Nah, memcpy shouldn't exist (just not for buffer overflow reasons). memcpy is there because someone got their knickers in a twist over possibly being a few cycles faster than memmove, even though the chances that actually matters is tiny, while the chances that you'll accidentally use memcpy when your memory overlaps is much larger.
actually that justification for memcpy is quite poor. usually, performance wise, it is quite easily beatable once you start using the hardware. most implementations I've seen loop byte copies in the most naïve way possible... almost every architecture supports 32-bit copies, most support more... :)

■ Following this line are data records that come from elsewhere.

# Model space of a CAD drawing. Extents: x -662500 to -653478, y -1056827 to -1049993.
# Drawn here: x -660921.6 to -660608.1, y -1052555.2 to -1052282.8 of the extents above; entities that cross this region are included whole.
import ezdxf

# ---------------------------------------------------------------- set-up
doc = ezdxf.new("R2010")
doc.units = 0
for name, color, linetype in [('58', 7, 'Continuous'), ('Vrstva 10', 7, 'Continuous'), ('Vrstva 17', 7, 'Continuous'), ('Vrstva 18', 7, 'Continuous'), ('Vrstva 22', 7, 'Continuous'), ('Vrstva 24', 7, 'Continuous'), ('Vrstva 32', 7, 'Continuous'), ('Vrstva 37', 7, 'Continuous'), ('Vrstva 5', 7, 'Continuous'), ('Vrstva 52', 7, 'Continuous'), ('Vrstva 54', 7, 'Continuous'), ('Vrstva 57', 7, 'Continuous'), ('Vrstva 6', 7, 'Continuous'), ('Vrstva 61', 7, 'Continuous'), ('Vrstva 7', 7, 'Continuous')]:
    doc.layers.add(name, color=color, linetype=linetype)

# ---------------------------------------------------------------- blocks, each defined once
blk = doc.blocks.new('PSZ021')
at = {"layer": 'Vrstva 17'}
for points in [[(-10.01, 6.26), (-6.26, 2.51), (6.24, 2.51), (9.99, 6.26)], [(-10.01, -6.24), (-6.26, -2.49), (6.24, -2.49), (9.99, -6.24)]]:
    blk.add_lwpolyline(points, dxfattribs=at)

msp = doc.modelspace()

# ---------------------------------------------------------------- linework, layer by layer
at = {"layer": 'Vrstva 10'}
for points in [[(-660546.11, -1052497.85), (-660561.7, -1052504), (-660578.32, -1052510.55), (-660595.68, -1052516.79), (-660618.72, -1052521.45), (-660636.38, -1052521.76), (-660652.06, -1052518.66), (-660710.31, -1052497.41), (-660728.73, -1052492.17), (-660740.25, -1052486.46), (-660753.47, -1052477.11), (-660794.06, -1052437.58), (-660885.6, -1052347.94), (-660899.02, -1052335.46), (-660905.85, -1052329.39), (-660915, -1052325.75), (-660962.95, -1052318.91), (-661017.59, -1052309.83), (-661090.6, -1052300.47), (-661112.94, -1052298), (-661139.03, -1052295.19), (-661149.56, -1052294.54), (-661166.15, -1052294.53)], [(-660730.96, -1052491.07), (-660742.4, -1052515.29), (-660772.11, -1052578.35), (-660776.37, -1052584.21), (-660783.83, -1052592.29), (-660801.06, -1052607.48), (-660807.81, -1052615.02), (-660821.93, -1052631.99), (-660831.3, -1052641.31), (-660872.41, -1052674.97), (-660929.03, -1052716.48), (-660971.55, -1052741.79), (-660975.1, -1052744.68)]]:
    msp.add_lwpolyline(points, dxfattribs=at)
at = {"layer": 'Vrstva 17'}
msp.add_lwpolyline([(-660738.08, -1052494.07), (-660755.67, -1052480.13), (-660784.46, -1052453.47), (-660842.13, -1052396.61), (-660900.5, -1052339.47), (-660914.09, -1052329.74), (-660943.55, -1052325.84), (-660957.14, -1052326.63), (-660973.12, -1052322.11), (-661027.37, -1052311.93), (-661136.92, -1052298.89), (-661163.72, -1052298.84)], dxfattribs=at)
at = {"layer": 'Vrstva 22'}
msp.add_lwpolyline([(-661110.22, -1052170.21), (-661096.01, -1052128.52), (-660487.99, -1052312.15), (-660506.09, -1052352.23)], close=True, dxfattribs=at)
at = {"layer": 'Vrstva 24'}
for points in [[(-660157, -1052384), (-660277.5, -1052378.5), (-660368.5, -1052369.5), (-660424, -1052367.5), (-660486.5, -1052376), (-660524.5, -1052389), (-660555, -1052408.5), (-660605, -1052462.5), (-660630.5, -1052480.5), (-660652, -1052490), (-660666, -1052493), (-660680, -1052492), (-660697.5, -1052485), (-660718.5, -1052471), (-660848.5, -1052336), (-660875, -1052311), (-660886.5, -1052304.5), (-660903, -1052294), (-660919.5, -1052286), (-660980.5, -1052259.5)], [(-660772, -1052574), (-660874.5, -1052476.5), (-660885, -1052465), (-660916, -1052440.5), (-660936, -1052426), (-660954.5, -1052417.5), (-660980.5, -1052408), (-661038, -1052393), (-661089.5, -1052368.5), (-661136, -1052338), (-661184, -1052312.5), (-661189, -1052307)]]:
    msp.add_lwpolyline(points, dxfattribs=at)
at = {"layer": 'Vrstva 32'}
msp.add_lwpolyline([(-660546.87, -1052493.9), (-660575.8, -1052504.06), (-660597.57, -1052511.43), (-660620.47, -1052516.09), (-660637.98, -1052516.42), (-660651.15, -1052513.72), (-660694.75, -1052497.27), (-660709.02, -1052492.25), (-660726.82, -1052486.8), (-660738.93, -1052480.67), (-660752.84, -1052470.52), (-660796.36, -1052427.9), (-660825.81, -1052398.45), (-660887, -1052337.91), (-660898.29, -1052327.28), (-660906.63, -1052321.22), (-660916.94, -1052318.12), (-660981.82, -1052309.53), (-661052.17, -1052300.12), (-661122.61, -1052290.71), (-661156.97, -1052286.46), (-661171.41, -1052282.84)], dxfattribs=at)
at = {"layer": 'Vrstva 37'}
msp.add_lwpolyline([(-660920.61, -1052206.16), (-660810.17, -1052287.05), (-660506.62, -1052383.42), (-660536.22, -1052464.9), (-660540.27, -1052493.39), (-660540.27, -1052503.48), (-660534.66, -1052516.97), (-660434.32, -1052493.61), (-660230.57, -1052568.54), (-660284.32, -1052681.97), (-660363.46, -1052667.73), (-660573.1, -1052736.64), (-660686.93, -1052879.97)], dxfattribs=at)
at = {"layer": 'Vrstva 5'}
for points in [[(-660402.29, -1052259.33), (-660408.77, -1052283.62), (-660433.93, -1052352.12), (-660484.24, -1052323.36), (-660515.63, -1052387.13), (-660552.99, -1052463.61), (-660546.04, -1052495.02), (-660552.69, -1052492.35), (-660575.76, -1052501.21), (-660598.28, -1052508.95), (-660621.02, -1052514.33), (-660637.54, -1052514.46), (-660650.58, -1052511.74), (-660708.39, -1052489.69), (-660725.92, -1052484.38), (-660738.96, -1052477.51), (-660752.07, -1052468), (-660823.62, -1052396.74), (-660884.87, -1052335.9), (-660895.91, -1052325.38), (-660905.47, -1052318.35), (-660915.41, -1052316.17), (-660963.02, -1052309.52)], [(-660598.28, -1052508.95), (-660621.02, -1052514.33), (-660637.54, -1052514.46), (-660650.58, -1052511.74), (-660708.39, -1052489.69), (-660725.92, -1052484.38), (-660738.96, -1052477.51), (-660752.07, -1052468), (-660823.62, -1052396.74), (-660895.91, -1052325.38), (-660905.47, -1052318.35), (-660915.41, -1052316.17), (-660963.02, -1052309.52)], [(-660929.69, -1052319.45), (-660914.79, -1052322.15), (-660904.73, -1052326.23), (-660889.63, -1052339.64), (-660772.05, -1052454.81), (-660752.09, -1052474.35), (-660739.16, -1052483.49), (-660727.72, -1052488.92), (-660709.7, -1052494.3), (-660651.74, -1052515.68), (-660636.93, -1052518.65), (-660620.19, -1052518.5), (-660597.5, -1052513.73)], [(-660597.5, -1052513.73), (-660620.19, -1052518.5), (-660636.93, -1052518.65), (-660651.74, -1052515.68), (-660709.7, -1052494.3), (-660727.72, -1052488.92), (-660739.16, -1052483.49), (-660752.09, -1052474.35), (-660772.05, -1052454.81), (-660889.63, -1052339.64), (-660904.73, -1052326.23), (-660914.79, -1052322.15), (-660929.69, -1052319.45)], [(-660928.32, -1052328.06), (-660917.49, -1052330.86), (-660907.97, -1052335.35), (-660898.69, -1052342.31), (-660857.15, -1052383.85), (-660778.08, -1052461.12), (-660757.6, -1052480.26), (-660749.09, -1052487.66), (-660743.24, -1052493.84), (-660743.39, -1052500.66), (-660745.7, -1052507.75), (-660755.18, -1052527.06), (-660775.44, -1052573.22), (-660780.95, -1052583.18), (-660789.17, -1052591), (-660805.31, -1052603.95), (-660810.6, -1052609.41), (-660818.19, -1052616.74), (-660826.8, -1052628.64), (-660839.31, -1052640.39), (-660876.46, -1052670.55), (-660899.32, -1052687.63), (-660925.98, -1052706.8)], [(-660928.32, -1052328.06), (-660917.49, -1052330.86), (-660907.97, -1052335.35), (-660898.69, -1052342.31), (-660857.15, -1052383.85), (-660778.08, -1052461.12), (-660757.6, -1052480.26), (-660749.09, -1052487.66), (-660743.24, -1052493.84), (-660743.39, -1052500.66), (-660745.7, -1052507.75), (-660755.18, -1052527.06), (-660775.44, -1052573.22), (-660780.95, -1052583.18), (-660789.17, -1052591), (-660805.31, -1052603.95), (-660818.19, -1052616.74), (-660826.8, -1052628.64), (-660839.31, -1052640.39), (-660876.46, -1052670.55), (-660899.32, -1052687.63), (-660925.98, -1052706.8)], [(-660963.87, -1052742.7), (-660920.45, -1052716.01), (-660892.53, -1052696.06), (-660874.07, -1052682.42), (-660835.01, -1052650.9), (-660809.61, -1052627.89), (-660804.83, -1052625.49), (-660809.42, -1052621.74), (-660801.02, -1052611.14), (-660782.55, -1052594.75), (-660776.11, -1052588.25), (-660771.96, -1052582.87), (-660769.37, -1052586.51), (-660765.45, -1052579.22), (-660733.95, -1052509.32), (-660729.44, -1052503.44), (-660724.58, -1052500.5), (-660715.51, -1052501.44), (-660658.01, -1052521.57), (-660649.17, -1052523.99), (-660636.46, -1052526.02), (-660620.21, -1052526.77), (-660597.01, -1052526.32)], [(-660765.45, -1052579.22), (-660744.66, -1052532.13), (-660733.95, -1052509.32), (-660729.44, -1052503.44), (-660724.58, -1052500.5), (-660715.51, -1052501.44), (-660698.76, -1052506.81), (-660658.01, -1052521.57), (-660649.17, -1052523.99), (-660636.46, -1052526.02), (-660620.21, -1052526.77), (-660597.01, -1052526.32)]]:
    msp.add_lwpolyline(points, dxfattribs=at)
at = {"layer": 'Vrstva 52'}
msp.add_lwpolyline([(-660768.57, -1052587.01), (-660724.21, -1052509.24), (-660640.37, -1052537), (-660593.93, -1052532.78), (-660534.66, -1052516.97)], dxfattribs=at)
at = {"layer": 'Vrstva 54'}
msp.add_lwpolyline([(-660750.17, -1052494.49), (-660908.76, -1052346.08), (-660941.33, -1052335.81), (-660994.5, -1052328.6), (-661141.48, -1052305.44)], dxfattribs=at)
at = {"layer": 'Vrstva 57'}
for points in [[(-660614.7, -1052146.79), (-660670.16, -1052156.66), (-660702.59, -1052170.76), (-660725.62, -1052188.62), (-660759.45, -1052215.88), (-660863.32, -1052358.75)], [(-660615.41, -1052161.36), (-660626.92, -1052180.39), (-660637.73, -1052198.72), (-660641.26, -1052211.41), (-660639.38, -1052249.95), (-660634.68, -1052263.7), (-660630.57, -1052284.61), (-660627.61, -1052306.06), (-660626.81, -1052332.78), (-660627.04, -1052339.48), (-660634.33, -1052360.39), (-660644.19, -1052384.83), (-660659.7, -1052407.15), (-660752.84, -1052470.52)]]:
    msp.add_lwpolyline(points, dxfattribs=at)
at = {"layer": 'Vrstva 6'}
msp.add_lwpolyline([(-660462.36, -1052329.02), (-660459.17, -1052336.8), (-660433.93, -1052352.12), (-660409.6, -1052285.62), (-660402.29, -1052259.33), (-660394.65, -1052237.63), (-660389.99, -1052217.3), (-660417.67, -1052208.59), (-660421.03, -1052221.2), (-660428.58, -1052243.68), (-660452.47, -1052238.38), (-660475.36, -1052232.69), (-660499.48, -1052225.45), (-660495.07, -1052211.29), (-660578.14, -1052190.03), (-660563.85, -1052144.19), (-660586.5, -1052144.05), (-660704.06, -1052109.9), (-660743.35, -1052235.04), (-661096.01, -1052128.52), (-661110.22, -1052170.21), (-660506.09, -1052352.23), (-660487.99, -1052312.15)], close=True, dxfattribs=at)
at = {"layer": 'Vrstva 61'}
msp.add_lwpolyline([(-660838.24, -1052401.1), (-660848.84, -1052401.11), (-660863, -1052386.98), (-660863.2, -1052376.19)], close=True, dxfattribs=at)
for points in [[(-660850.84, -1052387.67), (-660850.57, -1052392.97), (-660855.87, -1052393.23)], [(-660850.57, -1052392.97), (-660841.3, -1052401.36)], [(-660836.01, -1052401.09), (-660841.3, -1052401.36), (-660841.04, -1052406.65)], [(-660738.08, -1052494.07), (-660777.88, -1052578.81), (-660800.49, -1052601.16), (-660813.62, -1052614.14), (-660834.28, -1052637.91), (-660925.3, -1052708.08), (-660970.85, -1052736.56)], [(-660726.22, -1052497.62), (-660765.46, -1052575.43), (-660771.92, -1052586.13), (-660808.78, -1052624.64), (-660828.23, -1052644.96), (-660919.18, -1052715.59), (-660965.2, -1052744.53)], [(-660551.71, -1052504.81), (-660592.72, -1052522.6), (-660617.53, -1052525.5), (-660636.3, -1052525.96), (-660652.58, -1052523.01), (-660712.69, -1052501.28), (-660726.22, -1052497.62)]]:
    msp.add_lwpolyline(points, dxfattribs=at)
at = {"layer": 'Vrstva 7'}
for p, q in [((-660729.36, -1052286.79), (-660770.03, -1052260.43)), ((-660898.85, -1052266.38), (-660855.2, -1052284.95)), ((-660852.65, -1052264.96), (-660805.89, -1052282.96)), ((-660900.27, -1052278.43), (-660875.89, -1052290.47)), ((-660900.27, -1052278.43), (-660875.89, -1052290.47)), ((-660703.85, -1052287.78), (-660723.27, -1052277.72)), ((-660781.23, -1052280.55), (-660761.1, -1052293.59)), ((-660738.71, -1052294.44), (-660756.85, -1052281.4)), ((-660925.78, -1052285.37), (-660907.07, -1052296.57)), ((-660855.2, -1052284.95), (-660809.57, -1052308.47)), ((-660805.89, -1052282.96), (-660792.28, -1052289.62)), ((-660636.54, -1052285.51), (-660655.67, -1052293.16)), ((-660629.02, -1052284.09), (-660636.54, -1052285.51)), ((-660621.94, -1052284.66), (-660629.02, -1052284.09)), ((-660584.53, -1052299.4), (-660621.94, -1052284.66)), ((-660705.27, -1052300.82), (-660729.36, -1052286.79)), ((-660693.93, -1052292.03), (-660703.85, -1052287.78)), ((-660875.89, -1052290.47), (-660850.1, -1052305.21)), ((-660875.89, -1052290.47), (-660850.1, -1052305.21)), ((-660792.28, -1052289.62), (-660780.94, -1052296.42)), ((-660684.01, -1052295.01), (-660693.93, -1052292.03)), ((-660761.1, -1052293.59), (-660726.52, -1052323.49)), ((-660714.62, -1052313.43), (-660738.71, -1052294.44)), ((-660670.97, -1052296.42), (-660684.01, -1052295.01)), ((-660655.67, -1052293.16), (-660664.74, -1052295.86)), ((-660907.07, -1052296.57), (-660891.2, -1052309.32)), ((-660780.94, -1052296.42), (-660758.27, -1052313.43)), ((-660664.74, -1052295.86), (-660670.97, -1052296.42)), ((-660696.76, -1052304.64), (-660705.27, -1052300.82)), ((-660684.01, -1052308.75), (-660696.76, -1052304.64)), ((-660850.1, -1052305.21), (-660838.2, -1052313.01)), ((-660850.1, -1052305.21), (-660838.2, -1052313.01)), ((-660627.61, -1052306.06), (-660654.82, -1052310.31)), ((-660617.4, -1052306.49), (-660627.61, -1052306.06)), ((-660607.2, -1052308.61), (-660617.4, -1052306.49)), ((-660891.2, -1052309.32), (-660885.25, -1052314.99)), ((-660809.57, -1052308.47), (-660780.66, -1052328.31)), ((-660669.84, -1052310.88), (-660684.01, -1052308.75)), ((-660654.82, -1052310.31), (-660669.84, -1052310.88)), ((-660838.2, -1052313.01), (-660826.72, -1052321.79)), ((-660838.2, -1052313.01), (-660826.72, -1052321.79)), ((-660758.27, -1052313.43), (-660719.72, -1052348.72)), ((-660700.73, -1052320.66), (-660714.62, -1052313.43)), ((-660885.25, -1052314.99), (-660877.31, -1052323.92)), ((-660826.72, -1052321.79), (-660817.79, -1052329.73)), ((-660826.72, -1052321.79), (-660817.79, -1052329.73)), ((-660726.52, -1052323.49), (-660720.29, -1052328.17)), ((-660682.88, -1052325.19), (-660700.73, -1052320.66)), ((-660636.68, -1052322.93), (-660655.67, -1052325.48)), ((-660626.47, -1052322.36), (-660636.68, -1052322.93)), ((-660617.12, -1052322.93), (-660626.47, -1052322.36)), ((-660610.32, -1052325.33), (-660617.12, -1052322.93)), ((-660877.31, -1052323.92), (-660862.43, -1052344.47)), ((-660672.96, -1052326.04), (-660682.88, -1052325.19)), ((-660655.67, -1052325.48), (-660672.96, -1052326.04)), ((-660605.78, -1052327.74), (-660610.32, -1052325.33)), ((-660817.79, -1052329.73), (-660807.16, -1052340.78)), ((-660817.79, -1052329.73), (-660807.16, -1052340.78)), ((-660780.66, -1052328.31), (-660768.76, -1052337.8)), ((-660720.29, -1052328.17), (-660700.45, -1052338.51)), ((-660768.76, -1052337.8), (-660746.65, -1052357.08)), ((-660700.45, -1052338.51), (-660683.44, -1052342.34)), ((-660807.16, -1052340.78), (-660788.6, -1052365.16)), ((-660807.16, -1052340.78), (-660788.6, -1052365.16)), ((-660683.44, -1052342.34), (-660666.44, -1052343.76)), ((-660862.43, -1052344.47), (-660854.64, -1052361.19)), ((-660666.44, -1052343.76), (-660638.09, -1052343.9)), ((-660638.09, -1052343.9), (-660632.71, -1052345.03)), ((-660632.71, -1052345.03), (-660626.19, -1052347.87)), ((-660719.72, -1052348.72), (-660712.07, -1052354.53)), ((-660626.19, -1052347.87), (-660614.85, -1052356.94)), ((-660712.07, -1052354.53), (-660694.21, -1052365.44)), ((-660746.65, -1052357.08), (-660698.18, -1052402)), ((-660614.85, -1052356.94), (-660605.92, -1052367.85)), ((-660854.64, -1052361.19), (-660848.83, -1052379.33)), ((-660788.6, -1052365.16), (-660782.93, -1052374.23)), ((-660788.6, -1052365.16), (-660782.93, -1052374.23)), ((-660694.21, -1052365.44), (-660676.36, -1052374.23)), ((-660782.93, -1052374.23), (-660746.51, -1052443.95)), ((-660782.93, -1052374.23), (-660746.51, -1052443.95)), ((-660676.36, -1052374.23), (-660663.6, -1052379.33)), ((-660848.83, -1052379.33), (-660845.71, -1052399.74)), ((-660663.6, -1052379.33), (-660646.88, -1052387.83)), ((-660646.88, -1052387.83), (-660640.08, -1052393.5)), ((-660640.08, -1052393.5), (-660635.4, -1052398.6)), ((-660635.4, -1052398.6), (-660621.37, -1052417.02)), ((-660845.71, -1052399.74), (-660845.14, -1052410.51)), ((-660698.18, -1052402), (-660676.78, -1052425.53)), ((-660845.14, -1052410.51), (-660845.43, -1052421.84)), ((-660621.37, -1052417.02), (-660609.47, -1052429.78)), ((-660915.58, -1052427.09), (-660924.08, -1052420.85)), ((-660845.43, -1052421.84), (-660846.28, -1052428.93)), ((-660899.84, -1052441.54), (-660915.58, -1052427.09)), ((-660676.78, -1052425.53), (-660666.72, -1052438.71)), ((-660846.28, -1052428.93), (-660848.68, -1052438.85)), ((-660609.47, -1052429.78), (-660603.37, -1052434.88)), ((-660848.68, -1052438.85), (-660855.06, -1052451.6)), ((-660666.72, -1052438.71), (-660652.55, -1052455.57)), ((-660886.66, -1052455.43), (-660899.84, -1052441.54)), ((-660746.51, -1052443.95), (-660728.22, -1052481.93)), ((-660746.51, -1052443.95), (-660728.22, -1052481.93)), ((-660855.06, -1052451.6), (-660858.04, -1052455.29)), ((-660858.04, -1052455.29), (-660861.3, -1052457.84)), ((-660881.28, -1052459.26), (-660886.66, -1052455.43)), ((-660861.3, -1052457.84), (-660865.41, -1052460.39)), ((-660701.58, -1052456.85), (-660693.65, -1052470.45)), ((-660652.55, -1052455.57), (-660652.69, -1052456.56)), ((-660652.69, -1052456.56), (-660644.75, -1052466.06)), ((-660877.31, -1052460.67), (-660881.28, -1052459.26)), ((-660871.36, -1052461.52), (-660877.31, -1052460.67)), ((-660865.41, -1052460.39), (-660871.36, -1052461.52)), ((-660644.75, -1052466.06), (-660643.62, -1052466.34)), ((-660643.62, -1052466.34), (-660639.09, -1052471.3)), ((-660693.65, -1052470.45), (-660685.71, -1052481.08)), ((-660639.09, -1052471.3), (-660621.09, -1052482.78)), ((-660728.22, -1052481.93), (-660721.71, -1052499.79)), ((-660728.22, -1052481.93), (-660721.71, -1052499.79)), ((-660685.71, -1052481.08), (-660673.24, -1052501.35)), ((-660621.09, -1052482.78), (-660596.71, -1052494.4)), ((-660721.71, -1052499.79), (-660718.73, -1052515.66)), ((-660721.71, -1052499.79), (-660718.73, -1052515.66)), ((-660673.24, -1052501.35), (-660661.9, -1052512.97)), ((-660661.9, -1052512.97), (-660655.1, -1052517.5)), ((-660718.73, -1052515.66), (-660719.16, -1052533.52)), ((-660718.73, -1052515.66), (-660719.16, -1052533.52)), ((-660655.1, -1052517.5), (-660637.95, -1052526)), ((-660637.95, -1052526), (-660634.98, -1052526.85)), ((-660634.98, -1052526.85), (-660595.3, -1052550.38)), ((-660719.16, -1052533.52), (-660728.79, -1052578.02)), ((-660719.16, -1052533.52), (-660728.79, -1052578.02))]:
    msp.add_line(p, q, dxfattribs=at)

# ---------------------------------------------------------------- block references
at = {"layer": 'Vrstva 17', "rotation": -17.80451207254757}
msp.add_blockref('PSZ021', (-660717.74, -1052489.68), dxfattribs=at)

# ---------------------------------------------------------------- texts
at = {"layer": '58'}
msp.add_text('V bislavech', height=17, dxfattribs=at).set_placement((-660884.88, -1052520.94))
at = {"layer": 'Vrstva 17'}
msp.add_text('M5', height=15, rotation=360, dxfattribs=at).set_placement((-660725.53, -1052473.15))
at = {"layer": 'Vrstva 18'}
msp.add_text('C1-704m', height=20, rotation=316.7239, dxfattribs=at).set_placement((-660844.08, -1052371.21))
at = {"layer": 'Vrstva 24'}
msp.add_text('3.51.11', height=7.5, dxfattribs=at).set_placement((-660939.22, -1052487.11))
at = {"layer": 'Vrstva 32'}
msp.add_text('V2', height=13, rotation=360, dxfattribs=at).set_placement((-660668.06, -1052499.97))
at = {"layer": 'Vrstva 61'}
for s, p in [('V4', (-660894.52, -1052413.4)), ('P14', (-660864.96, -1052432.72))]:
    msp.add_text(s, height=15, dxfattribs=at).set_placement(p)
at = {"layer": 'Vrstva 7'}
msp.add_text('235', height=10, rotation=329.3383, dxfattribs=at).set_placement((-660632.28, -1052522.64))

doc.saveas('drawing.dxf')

incidentally I've saved some .2-.8ms per frame in a "AAA" (I use the term loosely and with disgust) game title by replacing compiler generated assignment operator in one struct with an explicit 128-byte copy. copying individual bytes is slow, and the compiler is never as sufficiently smart as people claim.
in analagous cases involving memcpy, the fact that memcpy is not memmove saves much less than actually copying the data in a way that squeezes everything out of the data buses. :)
"almost every architecture supports 32-bit copies"
How much of that was true at the time that function was created?
Also, on 'just use memmove': it would not surprise me if ancient Unices used memcpy instead of inlining it to copy really small buffers (such as 14-byte-max filenames), not for speed, but for the byte savings (even if singular 'byte' is the correct way to phrase that). With small buffers, the overhead of that 'if' can become substantial.